▶ What is being asked
Every line in the data below that includes "kresba" belongs in the answer, copied as it stands.

▶ Records
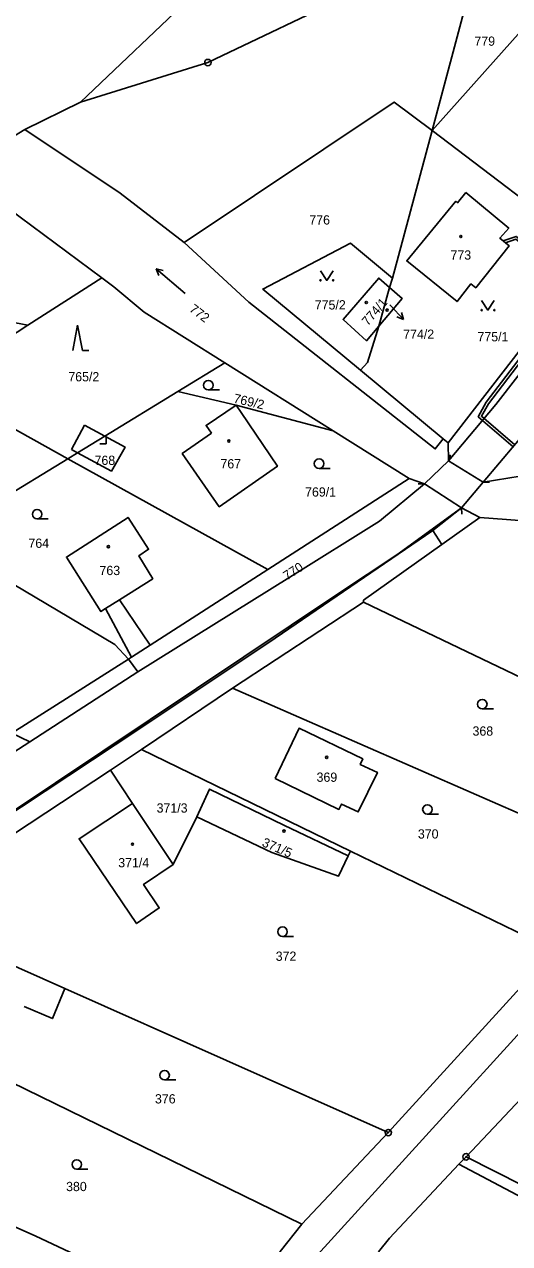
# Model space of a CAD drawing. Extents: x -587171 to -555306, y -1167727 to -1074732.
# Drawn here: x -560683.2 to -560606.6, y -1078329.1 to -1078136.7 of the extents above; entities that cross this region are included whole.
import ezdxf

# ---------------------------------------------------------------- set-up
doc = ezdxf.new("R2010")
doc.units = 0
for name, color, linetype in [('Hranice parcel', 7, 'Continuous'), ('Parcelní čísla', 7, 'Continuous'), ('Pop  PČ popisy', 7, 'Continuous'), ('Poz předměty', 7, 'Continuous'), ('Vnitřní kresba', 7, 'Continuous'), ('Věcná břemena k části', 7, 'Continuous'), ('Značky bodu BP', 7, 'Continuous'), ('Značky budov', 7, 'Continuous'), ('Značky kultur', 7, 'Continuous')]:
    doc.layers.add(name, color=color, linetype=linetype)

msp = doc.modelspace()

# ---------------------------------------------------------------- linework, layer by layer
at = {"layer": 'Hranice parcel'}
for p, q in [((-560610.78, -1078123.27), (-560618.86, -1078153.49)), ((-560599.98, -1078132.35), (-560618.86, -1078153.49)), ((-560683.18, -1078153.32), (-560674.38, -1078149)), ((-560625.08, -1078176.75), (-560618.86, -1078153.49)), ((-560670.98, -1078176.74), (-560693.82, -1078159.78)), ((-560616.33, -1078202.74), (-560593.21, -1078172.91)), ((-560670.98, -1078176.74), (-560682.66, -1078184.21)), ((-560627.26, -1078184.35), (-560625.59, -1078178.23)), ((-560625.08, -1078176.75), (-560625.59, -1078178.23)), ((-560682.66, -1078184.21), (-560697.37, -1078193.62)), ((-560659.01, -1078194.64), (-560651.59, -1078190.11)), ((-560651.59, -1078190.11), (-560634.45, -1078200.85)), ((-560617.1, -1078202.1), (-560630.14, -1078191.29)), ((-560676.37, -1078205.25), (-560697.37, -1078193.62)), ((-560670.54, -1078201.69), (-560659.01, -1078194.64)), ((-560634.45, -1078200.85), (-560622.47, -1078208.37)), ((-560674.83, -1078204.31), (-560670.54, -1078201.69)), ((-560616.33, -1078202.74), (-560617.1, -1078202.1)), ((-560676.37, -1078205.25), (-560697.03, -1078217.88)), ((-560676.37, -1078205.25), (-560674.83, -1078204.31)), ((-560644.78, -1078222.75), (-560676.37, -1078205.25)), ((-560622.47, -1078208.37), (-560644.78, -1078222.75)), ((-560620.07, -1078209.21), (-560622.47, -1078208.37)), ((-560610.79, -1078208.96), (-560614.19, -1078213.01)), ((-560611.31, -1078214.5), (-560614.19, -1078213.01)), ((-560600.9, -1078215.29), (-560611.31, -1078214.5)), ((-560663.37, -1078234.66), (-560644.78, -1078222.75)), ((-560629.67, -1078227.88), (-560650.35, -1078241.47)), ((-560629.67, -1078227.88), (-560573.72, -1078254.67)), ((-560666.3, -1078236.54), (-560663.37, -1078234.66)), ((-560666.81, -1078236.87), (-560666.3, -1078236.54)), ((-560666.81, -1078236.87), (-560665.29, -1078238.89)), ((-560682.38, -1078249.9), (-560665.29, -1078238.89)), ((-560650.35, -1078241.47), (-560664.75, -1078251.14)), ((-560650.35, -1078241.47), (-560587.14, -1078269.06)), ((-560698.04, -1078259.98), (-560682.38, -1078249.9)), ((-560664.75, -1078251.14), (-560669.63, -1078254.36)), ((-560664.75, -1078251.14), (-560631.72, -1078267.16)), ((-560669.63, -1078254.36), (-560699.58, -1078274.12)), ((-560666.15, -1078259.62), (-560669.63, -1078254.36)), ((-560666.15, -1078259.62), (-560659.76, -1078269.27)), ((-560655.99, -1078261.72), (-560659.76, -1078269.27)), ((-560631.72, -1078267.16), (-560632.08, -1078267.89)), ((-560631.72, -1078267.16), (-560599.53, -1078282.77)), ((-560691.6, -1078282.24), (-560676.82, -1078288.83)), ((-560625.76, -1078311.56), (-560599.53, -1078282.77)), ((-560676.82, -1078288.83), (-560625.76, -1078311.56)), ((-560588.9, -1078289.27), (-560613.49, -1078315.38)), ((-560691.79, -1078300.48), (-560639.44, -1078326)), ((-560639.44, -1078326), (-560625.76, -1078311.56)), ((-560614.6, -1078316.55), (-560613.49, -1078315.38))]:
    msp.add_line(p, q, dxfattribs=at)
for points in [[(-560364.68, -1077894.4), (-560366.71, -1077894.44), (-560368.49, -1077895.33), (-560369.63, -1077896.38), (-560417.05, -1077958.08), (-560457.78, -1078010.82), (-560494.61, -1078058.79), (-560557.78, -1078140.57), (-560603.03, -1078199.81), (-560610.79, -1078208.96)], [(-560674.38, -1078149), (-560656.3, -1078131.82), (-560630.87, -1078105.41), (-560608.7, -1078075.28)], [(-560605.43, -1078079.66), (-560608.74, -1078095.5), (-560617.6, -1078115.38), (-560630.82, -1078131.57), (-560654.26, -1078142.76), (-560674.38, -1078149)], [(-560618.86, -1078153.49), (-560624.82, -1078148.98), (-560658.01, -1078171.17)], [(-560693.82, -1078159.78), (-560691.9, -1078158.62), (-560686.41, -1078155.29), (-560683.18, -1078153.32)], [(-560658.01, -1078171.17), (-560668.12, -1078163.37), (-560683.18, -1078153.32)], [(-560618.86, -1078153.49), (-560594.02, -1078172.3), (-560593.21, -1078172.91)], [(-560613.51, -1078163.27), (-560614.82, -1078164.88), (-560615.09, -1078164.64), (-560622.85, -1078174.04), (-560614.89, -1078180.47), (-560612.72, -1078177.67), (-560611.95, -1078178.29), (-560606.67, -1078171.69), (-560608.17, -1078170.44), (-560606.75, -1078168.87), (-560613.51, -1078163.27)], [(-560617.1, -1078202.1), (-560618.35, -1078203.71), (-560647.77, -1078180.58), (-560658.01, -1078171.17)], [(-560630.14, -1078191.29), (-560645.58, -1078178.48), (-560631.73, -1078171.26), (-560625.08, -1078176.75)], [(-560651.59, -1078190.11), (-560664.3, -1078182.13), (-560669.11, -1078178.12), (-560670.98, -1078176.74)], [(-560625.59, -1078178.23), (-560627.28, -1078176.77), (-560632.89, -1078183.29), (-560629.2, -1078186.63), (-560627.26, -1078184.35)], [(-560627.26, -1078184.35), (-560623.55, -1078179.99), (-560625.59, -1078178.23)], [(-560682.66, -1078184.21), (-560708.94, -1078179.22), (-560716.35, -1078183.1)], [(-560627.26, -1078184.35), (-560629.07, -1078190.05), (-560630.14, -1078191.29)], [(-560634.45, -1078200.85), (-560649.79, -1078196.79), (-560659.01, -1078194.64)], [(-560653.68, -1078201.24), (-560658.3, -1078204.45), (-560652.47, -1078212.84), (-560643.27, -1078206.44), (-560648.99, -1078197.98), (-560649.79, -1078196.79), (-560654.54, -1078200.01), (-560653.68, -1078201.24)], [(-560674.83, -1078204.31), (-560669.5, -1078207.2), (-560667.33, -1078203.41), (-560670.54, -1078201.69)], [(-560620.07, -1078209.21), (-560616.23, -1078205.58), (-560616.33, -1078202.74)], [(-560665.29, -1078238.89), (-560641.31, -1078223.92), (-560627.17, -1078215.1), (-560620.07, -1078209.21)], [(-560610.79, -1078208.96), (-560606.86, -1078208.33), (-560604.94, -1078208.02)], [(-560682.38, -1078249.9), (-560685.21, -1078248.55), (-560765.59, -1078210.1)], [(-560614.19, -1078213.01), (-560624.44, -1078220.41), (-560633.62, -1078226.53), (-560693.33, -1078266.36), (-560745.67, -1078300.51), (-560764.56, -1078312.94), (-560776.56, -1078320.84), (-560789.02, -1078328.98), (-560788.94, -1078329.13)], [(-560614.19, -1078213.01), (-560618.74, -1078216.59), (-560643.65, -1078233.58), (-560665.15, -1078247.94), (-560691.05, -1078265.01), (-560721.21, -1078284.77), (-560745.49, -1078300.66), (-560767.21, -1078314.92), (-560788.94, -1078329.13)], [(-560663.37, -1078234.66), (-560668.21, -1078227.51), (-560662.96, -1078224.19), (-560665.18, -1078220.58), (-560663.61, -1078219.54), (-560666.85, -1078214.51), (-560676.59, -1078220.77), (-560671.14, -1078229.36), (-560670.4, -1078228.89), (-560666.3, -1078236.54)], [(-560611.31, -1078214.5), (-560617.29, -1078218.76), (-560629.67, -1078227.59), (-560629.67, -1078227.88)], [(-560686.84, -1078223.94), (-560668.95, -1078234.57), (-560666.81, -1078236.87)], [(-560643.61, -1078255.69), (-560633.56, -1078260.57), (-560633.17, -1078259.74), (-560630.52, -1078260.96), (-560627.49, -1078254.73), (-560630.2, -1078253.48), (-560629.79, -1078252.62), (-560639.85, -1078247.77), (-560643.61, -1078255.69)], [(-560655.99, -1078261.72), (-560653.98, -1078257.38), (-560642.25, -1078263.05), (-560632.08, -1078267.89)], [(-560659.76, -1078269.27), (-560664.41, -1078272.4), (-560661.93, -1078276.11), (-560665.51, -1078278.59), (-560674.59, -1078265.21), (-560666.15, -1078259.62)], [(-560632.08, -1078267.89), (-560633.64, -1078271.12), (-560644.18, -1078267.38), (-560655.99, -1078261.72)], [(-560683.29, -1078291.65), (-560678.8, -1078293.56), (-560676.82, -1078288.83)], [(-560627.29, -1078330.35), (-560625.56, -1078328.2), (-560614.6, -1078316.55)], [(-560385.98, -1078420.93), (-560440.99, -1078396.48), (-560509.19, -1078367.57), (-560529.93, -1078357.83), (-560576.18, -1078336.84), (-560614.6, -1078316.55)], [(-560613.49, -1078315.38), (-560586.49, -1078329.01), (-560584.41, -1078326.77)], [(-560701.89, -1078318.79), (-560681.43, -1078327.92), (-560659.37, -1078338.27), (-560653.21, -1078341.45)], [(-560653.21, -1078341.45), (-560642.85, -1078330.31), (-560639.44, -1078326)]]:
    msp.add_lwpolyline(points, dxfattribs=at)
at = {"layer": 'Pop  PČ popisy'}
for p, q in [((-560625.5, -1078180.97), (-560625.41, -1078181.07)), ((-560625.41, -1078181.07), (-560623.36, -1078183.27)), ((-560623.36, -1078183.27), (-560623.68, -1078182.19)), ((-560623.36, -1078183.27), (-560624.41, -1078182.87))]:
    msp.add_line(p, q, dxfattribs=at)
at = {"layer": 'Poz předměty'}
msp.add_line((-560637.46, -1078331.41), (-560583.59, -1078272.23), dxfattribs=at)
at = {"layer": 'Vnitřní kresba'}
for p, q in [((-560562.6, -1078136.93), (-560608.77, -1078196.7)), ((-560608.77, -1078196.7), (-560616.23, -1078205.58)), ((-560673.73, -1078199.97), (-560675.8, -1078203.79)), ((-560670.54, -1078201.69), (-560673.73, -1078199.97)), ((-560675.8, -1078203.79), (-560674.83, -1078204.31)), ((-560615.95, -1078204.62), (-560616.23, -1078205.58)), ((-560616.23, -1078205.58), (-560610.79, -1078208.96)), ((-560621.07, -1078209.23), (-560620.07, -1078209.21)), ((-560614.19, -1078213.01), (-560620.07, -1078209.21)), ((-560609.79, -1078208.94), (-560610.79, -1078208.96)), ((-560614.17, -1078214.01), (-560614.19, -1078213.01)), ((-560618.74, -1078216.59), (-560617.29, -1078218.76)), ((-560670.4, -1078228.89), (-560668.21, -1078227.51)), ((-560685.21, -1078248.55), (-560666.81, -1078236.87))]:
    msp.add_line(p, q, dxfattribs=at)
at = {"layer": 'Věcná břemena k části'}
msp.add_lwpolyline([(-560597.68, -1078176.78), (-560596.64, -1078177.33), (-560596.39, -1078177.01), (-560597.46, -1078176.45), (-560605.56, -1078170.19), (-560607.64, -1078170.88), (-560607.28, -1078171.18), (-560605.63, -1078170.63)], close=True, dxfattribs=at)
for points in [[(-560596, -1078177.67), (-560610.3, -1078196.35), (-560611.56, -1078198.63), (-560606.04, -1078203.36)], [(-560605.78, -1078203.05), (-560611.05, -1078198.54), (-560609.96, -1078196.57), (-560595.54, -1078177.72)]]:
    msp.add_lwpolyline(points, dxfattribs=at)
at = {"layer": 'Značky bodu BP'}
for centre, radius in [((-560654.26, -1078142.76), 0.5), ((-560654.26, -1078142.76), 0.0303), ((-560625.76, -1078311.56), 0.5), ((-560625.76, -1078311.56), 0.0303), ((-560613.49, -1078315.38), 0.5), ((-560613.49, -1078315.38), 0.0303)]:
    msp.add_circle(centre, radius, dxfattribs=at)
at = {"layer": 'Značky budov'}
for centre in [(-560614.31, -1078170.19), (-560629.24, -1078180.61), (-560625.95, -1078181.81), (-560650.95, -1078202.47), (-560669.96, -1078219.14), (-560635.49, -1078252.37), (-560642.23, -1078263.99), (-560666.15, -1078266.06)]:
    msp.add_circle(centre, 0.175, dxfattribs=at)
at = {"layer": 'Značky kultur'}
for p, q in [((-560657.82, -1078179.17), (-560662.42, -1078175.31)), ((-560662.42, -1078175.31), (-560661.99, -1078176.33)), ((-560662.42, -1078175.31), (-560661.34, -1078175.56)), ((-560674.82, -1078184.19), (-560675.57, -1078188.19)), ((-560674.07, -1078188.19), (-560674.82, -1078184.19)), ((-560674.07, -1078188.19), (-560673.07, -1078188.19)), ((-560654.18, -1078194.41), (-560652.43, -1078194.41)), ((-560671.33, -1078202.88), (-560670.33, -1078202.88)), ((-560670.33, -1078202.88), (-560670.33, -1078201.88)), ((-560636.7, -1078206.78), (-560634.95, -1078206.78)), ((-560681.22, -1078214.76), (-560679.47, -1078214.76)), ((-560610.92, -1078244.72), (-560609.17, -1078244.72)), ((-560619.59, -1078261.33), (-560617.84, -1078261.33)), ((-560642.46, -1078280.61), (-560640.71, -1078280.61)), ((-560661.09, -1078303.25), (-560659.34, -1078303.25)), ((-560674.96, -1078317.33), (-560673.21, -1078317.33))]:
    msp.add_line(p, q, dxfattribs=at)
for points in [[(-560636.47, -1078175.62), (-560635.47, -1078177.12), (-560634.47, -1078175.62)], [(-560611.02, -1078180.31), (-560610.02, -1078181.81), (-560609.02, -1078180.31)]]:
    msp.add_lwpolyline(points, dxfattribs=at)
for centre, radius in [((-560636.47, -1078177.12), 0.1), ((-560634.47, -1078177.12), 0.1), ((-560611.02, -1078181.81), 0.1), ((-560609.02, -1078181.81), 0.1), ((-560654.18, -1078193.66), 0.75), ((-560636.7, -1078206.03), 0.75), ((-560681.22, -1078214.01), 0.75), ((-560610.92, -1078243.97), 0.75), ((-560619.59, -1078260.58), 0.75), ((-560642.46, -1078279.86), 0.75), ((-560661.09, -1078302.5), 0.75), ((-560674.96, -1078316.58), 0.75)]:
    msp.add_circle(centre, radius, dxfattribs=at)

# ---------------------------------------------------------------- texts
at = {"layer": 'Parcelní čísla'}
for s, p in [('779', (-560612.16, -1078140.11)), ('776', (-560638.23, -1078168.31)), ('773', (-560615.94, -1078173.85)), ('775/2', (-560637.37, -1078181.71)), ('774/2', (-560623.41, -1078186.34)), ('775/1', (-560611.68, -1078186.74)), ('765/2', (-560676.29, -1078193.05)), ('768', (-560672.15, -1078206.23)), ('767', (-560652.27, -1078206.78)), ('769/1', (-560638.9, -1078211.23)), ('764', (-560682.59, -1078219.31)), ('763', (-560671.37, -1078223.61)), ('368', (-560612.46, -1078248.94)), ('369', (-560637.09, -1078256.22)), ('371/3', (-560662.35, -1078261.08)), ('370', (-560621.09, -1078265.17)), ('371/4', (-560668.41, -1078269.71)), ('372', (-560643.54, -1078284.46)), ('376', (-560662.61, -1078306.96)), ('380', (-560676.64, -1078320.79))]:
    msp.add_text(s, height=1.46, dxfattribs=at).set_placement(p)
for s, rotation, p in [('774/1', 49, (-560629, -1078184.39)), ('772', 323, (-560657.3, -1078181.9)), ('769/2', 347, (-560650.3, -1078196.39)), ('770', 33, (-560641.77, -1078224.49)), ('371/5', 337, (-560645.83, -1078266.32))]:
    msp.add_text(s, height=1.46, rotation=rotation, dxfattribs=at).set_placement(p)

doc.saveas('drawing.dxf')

▶ Answer space
for name, color, linetype in [('Hranice parcel', 7, 'Continuous'), ('Parcelní čísla', 7, 'Continuous'), ('Pop  PČ popisy', 7, 'Continuous'), ('Poz předměty', 7, 'Continuous'), ('Vnitřní kresba', 7, 'Continuous'), ('Věcná břemena k části', 7, 'Continuous'), ('Značky bodu BP', 7, 'Continuous'), ('Značky budov', 7, 'Continuous'), ('Značky kultur', 7, 'Continuous')]:
at = {"layer": 'Vnitřní kresba'}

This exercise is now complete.